Which brings us back to his image of the bridegroom. Ultimately, Jesus marries himself to us – to our fate, our limitations, our hopes and wants and needs and hurts, taking all of them unto himself. He is the bridegroom that approaches the bride – the whole of God’s creation – in delight, even as he knows that to free and redeem his bride he will need to give his life. Odd, peculiar, and so incredibly uncommon indeed.
Prayer: Dear God, let us face our challenges and struggles with hope, knowing that Jesus bears them with us and, in time, will bear us into the new reality he inaugurates. In Jesus name, Amen.
Is Jesus’ death on the cross the bursting of wine skins and the tearing of cloth? Is Jesus the ancient, old cloth or wineskin or are we? Is this why the bridegroom had to leave, it is a mismatched pairing?
I believe the old wine skin represent those practicing Christianity without being born again. If Christ is not accepted His teaching will make no sense to them, it will upend their theology, if I may borrow from the word of Kennet Hagin. In Mathew 9:17, the Lord Jesus says you pour new wine into new wine skin, then both are preserved. When a Christian becomes a believer in Christ Jesus, he gets the ability to understand what the scriptures says, his body becomes the temple of the Holy Spirit, 1 Cor.6:19, and the presence of God’s Spirit in him/her enables such to know what God says or what He desires. 1 Corinthians 2:6-16.

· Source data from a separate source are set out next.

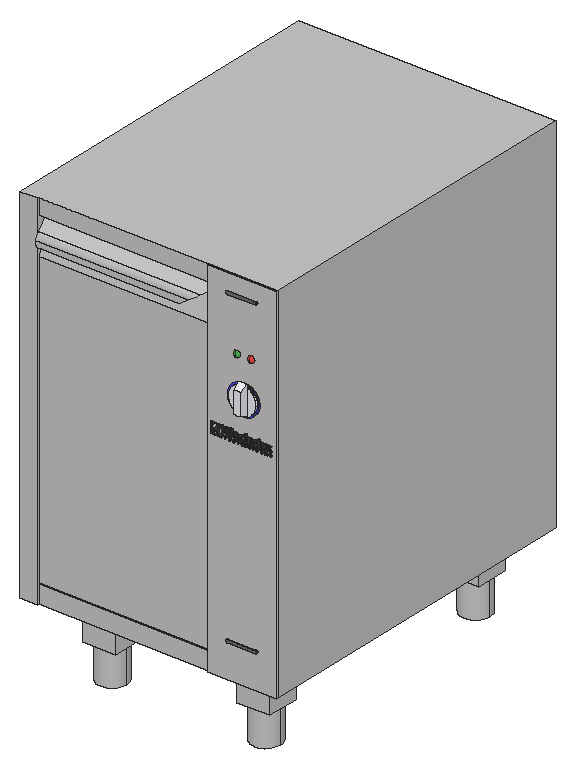
Revit family "QF_ELECTROLUXPROFESSIONAL_121830_TERPE5", category Attrezzature speciali, Revit 2020
Family settings
  Quota connettore circolare = Usa diametro
  Tipo di parte = Normale
  Basato su piano di lavoro = No
  Sempre verticale = Sì
  Taglio con vuoti quando caricato = No
  Condiviso = No
  Punto di calcolo locali = No
Parameters (values of type "Standard")
  Weight = 9.00 kg
  Watts = 1400 W
  Volts = 230 V
  URL Manufacturer = "https://www.electroluxprofessional.com/"
  URL = "https://www.electroluxprofessional.com/"
  Steam Supply Size = 0 mm
  Steam Supply Minimum Pressure = 0.0 Pa
  Steam Supply Maximum Pressure = 0.0 Pa
  Steam Consumption per Hour = 0
  Refrigeration Suction Line Size = 0.0 mm
  Refrigeration Liquid Line Size = 0.0 mm
  Refrigerant Compressor Remote = yes
  Prospetto di default = 0.0 mm
  Phase = 1
  Modello = "TERPE5"
  Produttore = "Electrolux Professional"
  Length Actual = 500.0 mm  # constant formula
  Item Number = "121830"
  Hot Water Size = 0 mm
  Height Actual = 860.0 mm  # constant formula
  HP = "1.9 HP"
  Gas Size = 0 mm
  Gas KW = 0
  Gas Input Pressure = 0 W
  Direct Waste Size = 0 mm
  Descrizione = "HOT CUPBOARD WITH 1 HINGED DOOR 500MM"
  Depth Actual = 680.0 mm  # constant formula
  Cycle = 50 Hz
  Condensate Return Size = 0 mm
  Compressed Air Volume = 0.0 L/s
  Compressed Air Size = 0 mm
  Compressed Air Pressure = 0.0 Pa
  Cold Water Size = 0 mm
  Accessory = yes
Reference planes
  plane 1 "Center (Front/Back)": y = 0
  plane 2: z = 0
  plane 3 "Center (Left/Right)": x = -300
  plane 4 "LEFT": x = -550
  plane 5 "RIGHT": x = -50
  plane 6 "BACK": y = 340
  plane 7 "FRONT": y = -340
  plane 8 "Base": z = 860
  plane 9 "TOP": z = 900
  plane 10: x = -450
  plane 11: x = -150
  plane 12: y = 270
  plane 13: y = -240
  plane 14 "FEET": z = 150
  plane 15: x = 152.5
  plane 16: x = -516
  plane 17: y = -337
  plane 18: y = 310
  plane 19: x = -184
Forms (mm)
  Extrusion 1, solid, material "QF_Finishes_Stainless Steel"
    sketch origin (0, 0, 150) x (-1, 0, 0) y (0, -1, 0)
      loop
        line (550, -340) -> (550, 340) -> (516, 340) -> (516, -340) -> (550, -340)
      loop
        line (184, -340) -> (184, 337) -> (50, 337) -> (50, -340) -> (184, -340)
    from 0 to 710
  Extrusion 2, solid, material "QF_Finishes_Stainless Steel"
    sketch origin (0, 0, 150) x (-1, 0, 0) y (0, -1, 0)
      loop
        line (516, -310) -> (516, 337) -> (184, 337) -> (184, -310) -> (516, -310)
    from 0 to 35
  Extrusion 3, solid, material "QF_Finishes_Stainless Steel"
    sketch origin (0, 0, 0) x (1, 0, 0) y (0, 1, 0)
      loop
        line (-516, -337) -> (-184, -337) -> (-184, 340) -> (-516, 340) -> (-516, -337)
    from 830 to 860
  Extrusion 4, solid, material "QF_Finishes_Stainless Steel"
    sketch origin (0, 0, 150) x (-1, 0, 0) y (0, -1, 0)
      loop
        line (516, -340) -> (516, -310) -> (184, -310) -> (184, -340) -> (516, -340)
    from 680 to 0
Cuts and joins
  joined: Extrusion 1, Extrusion 3, Extrusion 4
Lines and regions (mm)
  symbolic lines, style "SpecialityEquipmentHiddenLines"
    curve 1: line (-50, 340, 900) -> (-550, 340, 900)
    curve 2: line (-50, -340, 900) -> (-50, 340, 900)
    curve 3: line (-550, -344.5, 150) -> (-550, 340, 150)
    curve 4: line (-550, -340, 150) -> (-516, -340, 150)
    curve 5: line (-516, -340, 150) -> (-516, -337, 150)
    curve 6: line (-516, -337, 150) -> (-184, -337, 150)
    curve 7: line (-184, -337, 150) -> (-184, -340, 150)
    curve 8: line (-184, -340, 150) -> (-50, -340, 150)
Dimensions and locks
  plane 4 "LEFT" to plane 5 "RIGHT" = 500.0 mm
  equal spacing: plane 4 "LEFT", plane 3 "Center (Left/Right)", plane 5 "RIGHT"
  plane 6 "BACK" to plane 7 "FRONT" = 680.0 mm
  equal spacing: plane 6 "BACK", plane 1 "Center (Front/Back)", plane 7 "FRONT"
  locked: plane 14 "FEET" to level at 150
  locked: plane 4 "LEFT" to plane 10 at 100
  locked: plane 11 to plane 5 "RIGHT" at 100
  locked: plane 4 "LEFT" to plane 16 at 34
  plane 17 to plane 7 "FRONT" = 3.0 mm
  plane 6 "BACK" to plane 18 = 30.0 mm
  locked: plane 6 "BACK" to plane 12 at 70
  locked: plane 13 to plane 7 "FRONT" at 100
  locked: plane 8 "Base" to level at 860
  locked: plane 9 "TOP" to level at 900
  plane 19 to plane 5 "RIGHT" = 134.0 mm
  aligned and locked: level to plane 2
  aligned and locked: plane 10 to nested 1
  aligned and locked: plane 11 to nested 2
  aligned and locked: nested 4 to plane 12
  aligned and locked: plane 10 to nested 3
  aligned and locked: nested 3 to plane 12
  aligned and locked: plane 8 "Base" to Extrusion 1
  aligned and locked: plane 6 "BACK" to Extrusion 1 sketch curve
  aligned and locked: Extrusion 1 sketch curve to plane 6 "BACK"
  aligned and locked: Extrusion 1 sketch curve to plane 7 "FRONT"
  aligned and locked: plane 16 to Extrusion 1
  aligned and locked: Extrusion 2 to plane 16
  aligned and locked: plane 8 "Base" to Extrusion 3
  aligned and locked: Extrusion 2 to plane 17
  aligned and locked: Extrusion 2 to plane 18
  aligned and locked: Extrusion 3 to plane 17
  aligned and locked: plane 16 to Extrusion 4 sketch curve
  aligned and locked: Extrusion 4 sketch curve to plane 6 "BACK"
  aligned and locked: Extrusion 4 sketch curve to plane 18
  aligned and locked: Extrusion 4 to Extrusion 3
  aligned and locked: Extrusion 4 to plane 14 "FEET"
  aligned and locked: plane 6 "BACK" to Extrusion 3
  aligned and locked: nested 1 to plane 13
  aligned and locked: nested 2 to plane 13
  aligned and locked: plane 19 to Extrusion 3
  aligned and locked: Extrusion 2 sketch curve to plane 19
Automatic sketch dimensions
  curve 2 to plane 5 "RIGHT" = 0.0 mm
  curve 2 to plane 7 "FRONT" = 0.0 mm
  curve 1 to plane 4 "LEFT" = 0.0 mm
  curve 1 to plane 6 "BACK" = 0.0 mm
  Extrusion 2 sketch curve to plane 16 = 0.0 mm
  plane 18 to Extrusion 2 sketch curve = 0.0 mm
  Extrusion 2 sketch curve to plane 17 = 0.0 mm
  curve 8 to plane 5 "RIGHT" = 0.0 mm
  curve 8 to plane 7 "FRONT" = 0.0 mm
  curve 6 to plane 16 = 0.0 mm
  curve 3 to plane 4 "LEFT" = 0.0 mm
  curve 3 to plane 6 "BACK" = 0.0 mm
  curve 6 to plane 17 = 0.0 mm
  curve 4 to plane 7 "FRONT" = 0.0 mm
  curve 4 to curve 3 = 4.5 mm
  Extrusion 3 sketch curve to plane 16 = 0.0 mm
  Extrusion 3 sketch curve to plane 17 = 0.0 mm
  Extrusion 3 sketch curve to plane 18 = 30.0 mm
  curve 8 to curve 8 = 134.0 mm
  Extrusion 3 sketch curve to plane 5 "RIGHT" = 134.0 mm
  Extrusion 4 sketch curve to plane 5 "RIGHT" = 134.0 mm
  Extrusion 1 sketch curve to plane 5 "RIGHT" = 0.0 mm
  Extrusion 1 sketch curve to plane 17 = 0.0 mm
  Extrusion 1 sketch curve to plane 16 = 0.0 mm
  Extrusion 1 sketch curve to plane 4 "LEFT" = 0.0 mm
  Extrusion 1 sketch curve to Extrusion 1 sketch curve = 134.0 mm
Nested families
  nested 1: "FEET_L63-150" at (-450, -240, 0), type "FEET_L63-150"
  nested 2: "FEET_L63-150" at (-150, -240, 0), type "FEET_L63-150"
  nested 3: "FEET_L63-150" at (-450, 270, 0), type "FEET_L63-150"
  nested 4: "FEET_L63-150" at (-150, 270, 0), type "FEET_L63-150"
  nested 5: "PANEL_ELX_HOTCUP_134" at (-153.042, -337, 150) x (1, 0, 0) z (0, -1, 0), type "PANEL_ELX_HOTCUP_134"
    with Width 134.0 mm, Show Clearance yes
  nested 6: "H637_400_1DOOR" at (-386.042, -297, 150) x (1, 0, 0) z (0, -1, 0), type "H637_400_1DOOR"
    with Width 400.0 mm, Show Clearance yes
Definition of nested family "FEET_L63-150"
  Parameters
    Default Elevation = 0.0 mm
    FEET = 150.0 mm
  Reference planes
    plane 1 "Center (Front/Back)": y = 0
    plane 2: z = 0
    plane 3 "Center (Left/Right)": x = 0
    plane 4: z = 150
  Forms (mm)
    Extrusion 1, solid
      sketch origin (0, 0, 0) x (1, 0, 0) y (0, 1, 0)
        loop
          circle (0, 0) r 28
      from 0 to 67
    Extrusion 2, solid
      sketch origin (0, 0, 0) x (1, 0, 0) y (0, 1, 0)
        loop
          line (31.561, 31.5) -> (-31.439, 31.5) -> (-31.439, -31.5) -> (31.561, -31.5) -> (31.561, 31.5)
      from 67 to 150 <- "FEET"
  Lines and regions (mm)
    symbolic lines
      curve 1: line (0, -1.503, 0) -> (0, 1.508, 0)
      curve 2: line (1.561, 0, 0) -> (-1.439, 0, 0)
  Dimensions and locks
    "FEET": plane 4 to plane 2
    aligned and locked: level to plane 2
  Automatic sketch dimensions
    plane 1 "Center (Front/Back)" to Extrusion 1 sketch curve = 0.0 mm
    Extrusion 1 sketch curve to plane 3 "Center (Left/Right)" = 0.0 mm
    plane 1 "Center (Front/Back)" to curve 2 = 0.0 mm
    curve 1 to plane 3 "Center (Left/Right)" = 0.0 mm
    curve 2 to plane 3 "Center (Left/Right)" = 1.439 mm
    plane 3 "Center (Left/Right)" to curve 2 = 1.561 mm
    plane 1 "Center (Front/Back)" to curve 1 = 1.503 mm
    curve 1 to plane 1 "Center (Front/Back)" = 1.508 mm
    Extrusion 2 sketch curve to plane 1 "Center (Front/Back)" = 31.5 mm
    Extrusion 2 sketch curve to plane 3 "Center (Left/Right)" = 31.439 mm
    plane 3 "Center (Left/Right)" to Extrusion 2 sketch curve = 31.561 mm
    plane 1 "Center (Front/Back)" to Extrusion 2 sketch curve = 31.5 mm
    radius of Extrusion 1 sketch curve = 28.0 mm
Definition of nested family "PANEL_ELX_HOTCUP_134"
  Parameters
    Width [instance] = 134.0 mm
    Show Clearance [instance] = yes
    Model = "727995"
    Height = 710.0 mm
    Default Elevation = 0.0 mm
  Reference planes
    plane 1 "Center (Front/Back)": y = 0
    plane 2: z = 0
    plane 3 "Center (Left/Right)": x = 36.042
    plane 4 "panel": z = 3
    plane 5 "Left": x = -30.958
    plane 6 "Right": x = 103.042
    plane 7: y = 710
    plane 8 "L1": x = 26.042
    plane 9 "L2": x = 54.042
    plane 10: y = 575
  Forms (mm)
    Extrusion 1, solid
      sketch origin (0, -919.2, 0) x (1, 0, 0) y (0, 1, 0)
        loop
          line (-980.5, 2119.2) -> (-980.5, -162.846) -> (881.94, -162.846) -> (881.94, 2119.2) -> (-980.5, 2119.2)
      from 0 to -59.546
    Extrusion 2, solid
      sketch origin (36.042, -190, 0) x (0, 1, 0) y (0, 0, 1)
        loop
          line (190, 3) -> (190, 0) -> (900, 0) -> (900, 3) -> (190, 3)
      from 67 to -67
    Extrusion 3, solid
      sketch origin (0, 0, 0) x (1, 0, 0) y (0, 1, 0)
        loop
          line (9.042, 673.5) -> (63.042, 673.5)
          arc (63.042, 673.5) -> (66.042, 676.5) -> (63.042, 679.5) r 3
          line (63.042, 679.5) -> (9.042, 679.5)
          arc (9.042, 679.5) -> (6.042, 676.5) -> (9.042, 673.5) r 3
        loop
          line (9.042, 65) -> (63.042, 65)
          arc (63.042, 65) -> (66.042, 68) -> (63.042, 71) r 3
          line (63.042, 71) -> (9.042, 71)
          arc (9.042, 71) -> (6.042, 68) -> (9.042, 65) r 3
      from 3 to 4.6
    Extrusion 4, solid
      sketch origin (0, 0, 0) x (1, 0, 0) y (0, 1, 0)
        loop
          circle (40.042, 500) r 30
      from 0 to 5
    Extrusion 5, solid
      sketch origin (0, 0, 0) x (1, 0, 0) y (0, 1, 0)
        loop
          circle (40.042, 500) r 26.788
      from 7 to 5
    Blend 6, solid
      base sketch origin (0, 0, 0) x (1, 0, 0) y (0, 1, 0)
        loop
          arc (48.106, 530.45) -> (40.022, 531.5) -> (31.94, 530.44) r 31.5
          line (31.94, 530.44) -> (31.94, 474.458)
          arc (31.94, 474.458) -> (40.023, 473.209) -> (48.106, 474.454) r 26.815
          line (48.106, 474.454) -> (48.106, 530.45)
      top sketch origin (0, 0, 0) x (1, 0, 0) y (0, 1, 0)
        loop
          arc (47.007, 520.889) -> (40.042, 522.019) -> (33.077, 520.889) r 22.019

The Bridegroom had to leave for the time being because He has fulfilled the first part of His mission, which was to lay down His life for His bride. Ephe. %:25-27
I hope this answers your question?
I want to add to my earlier reply to DJL comments on fasting. Though fasting was not commanded by Jesus,it should not be neglected. Jesus fasted, the apostles fasted, the churches then fasted for specific reasons. So it’s a personal decision, a personal race. Life is a choice. And so I conclude by saying, work out your salvation with fear and trembling. Thanks.